Nothing real whiz bang to this mod, but I thought it was necessary. After only 5 months since new and only 1 short trip, I noticed the screen door was sagging a tad. Knowing it would only get worse, I decided to beef it up a little. Ran a 1/2 inch by 1/8 inch piece of aluminum from the center door hinge to the outside corner of the screen door. I tightened it down after proping the end of the door up about an eigth of an inch. So far works great. It also gives a little bit of protection to the screen from being pushed in. The sun blasted the lower left corner of the picture, but you get the idea. I put small bolts all the way through the frame instead of just using screws.
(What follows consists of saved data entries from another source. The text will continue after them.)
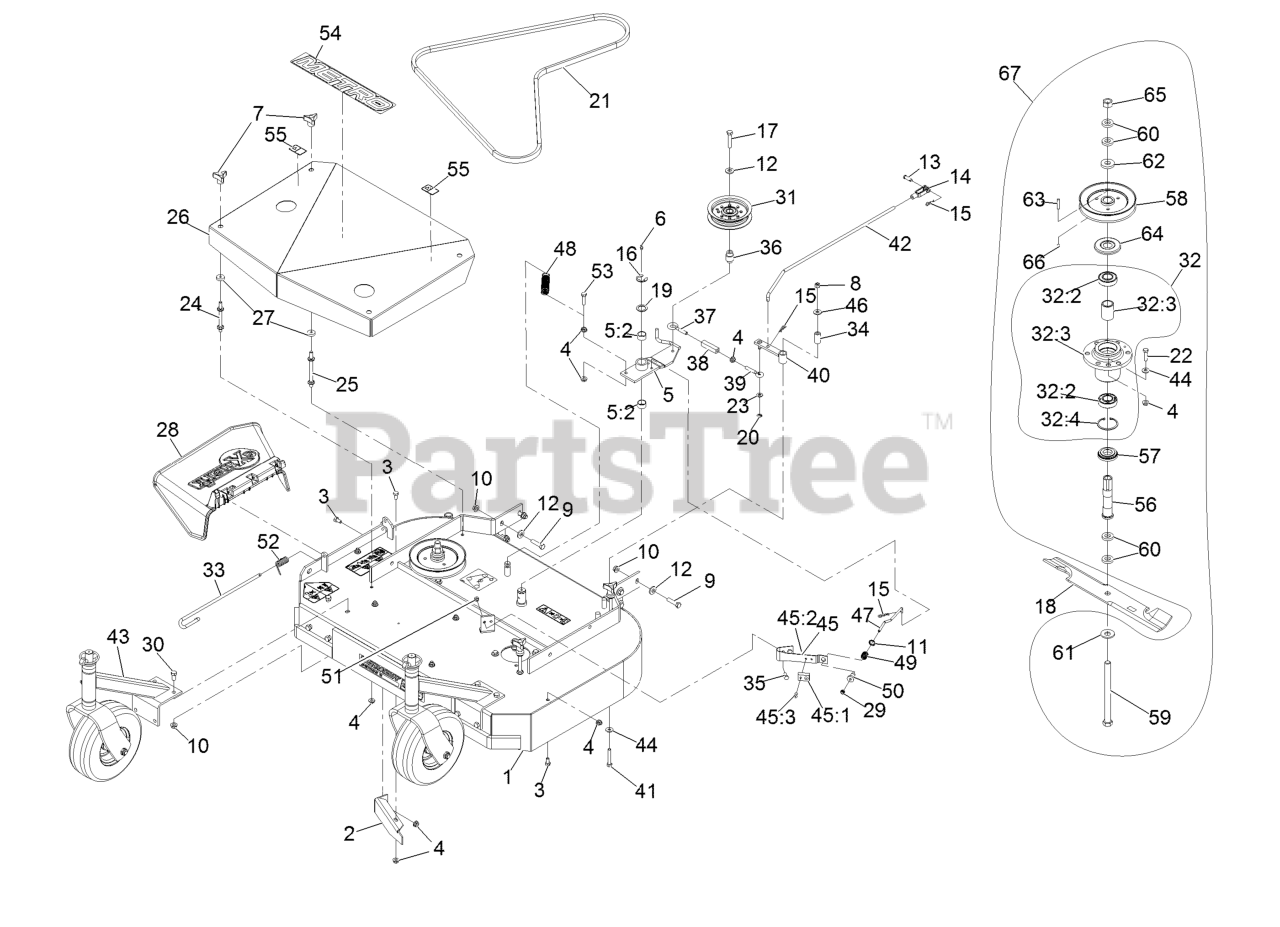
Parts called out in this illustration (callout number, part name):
1	Deck W/Decals And Dogleg
2	Baffle-Dogleg
3	Screw-HH 5/16-18 X 5/8
4	Nut-Whizlock 5/16-18
5	Idler Arm ASM
5:2	Sleeve-Bearing
6	Zerk-1/4-28 Str
7	Knob-3 Prong
8	Nut-Nyloc 5/16-18
9	Screw-HH 3/8-16 X 1 1/2
10	Nut-Whizlock 3/8-16
11	Ring-Push On
12	Washer-Spring Disc 3/8
13	Pin-Clevis 5/16 X 1 49/64
14	Yoke-Adjustable
15	Hairpin-Cotter
17	Screw-HH
18	Blade, 18.00 Mulching
18	Blade, 18.00 Notched
18	Blade-Extreme 2, 18.00"
18	Blade, 18.00 Low Lift
18	Blade, Solid 18.00
19	Washer-Spindle
21	Drive Belt (To Blades)
22	Screw-HH 5/16-18 X 1 1/4
23	Washer-5/16 SAE
24	Stud-Shield, Belt (Short)
25	Stud-Shield, Belt (Long)
26	ASM,Shield W/Decals 36 Metro
27	Washer-Belt Shield
28	Deflector-Discharge
29	Nut-Nyloc 1/4-20 Thin
30	Screw-HH 3/8-16 X 3/4
31	Pulley-Idler
32	Asm, Cutter Housing W/Bearings
32	Cutter Housing ASM
32:2	Bearing-Jackshaft
32:3	Spacer-Bearing
32:4	Ring-Retaining
33	Pin-Chute
34	Tube-Pivot
35	Screw-HH 1/4-20 X 3/4
36	Bushing-Engagement
37	Eyebolt-Thread, LH
38	Body-Turnbuckle
39	Eyebolt-Thread, RH
40	Arm-Assist, 32/36
41	Screw-HH 5/16-18 X 2
42	Arm-Assist, Linkage
43	ASM-Caster Mnt W/Weight
44	Washer-Spring Disc 5/16
45	Pad And Spring ASM
45:1	Pad-Brake
45:2	Spring
45:3	Rivet 3/16 X 1/2
46	Washer-5/16 Std
47	Rod-Brake
48	Spring-Extension
49	Spring-Compression
50	Spacer-Flanged
51	Nut-Nyloc 1/4-20
52	Spring, Torsion
53	Screw,HH Special 5/16-18 X 1.25
54	Decal-Metro
55	Decal-Warning
56	Tube-Spindle, Short
57	Spacer-Guard Bottom
59	Screw-Cap, HH
60	Spacer-Blade Drive
61	Washer-Spring Disc 5/8
63	Key-Machine 1/4 X 3/16 X 1 1/4
64	Guard-Bearing Top
65	Nut-Hex 5/8-18
66	Setscrew-5/16-18 X 3/8
67	Asm, Cutter Housing Complete

It should hold for quite a while.


----------



## 3reds (Jan 6, 2004)

I am having the same problem with mine. They replaced the door 2 seasons ago because the original delaminated, and the new door has not been right ever since. My kids can't even open or close the exterior door because it is very hard to pull the latch. Dealer is not taking very good care of me! He will get the trailer over the winter again until it is fixed right! I like your mod and will give it a try this week. Thanks!


----------



## vdub (Jun 19, 2004)

One thing the picture doesn't show (because of the sun problem, sorry) is that the lower right tip of the "brace" is about 2" in from the corner. Reason for this is so it doesn't hit the small bumper on the door. Also, although not aesthetically pleasing, I think it is important to come off of the center screw hole of the door hinge -- there's a lot of strength at that point.

Another thing I have been thinking about is neutering the screen latch altogeather in lieu of velcro. But I'm still pondering that a bit.


----------



## 3reds (Jan 6, 2004)

Thanks for the added info! I was also considering a self closing spring/hinge thingy. I bet I ask the kids to close the door a hundred times a day!!!!


----------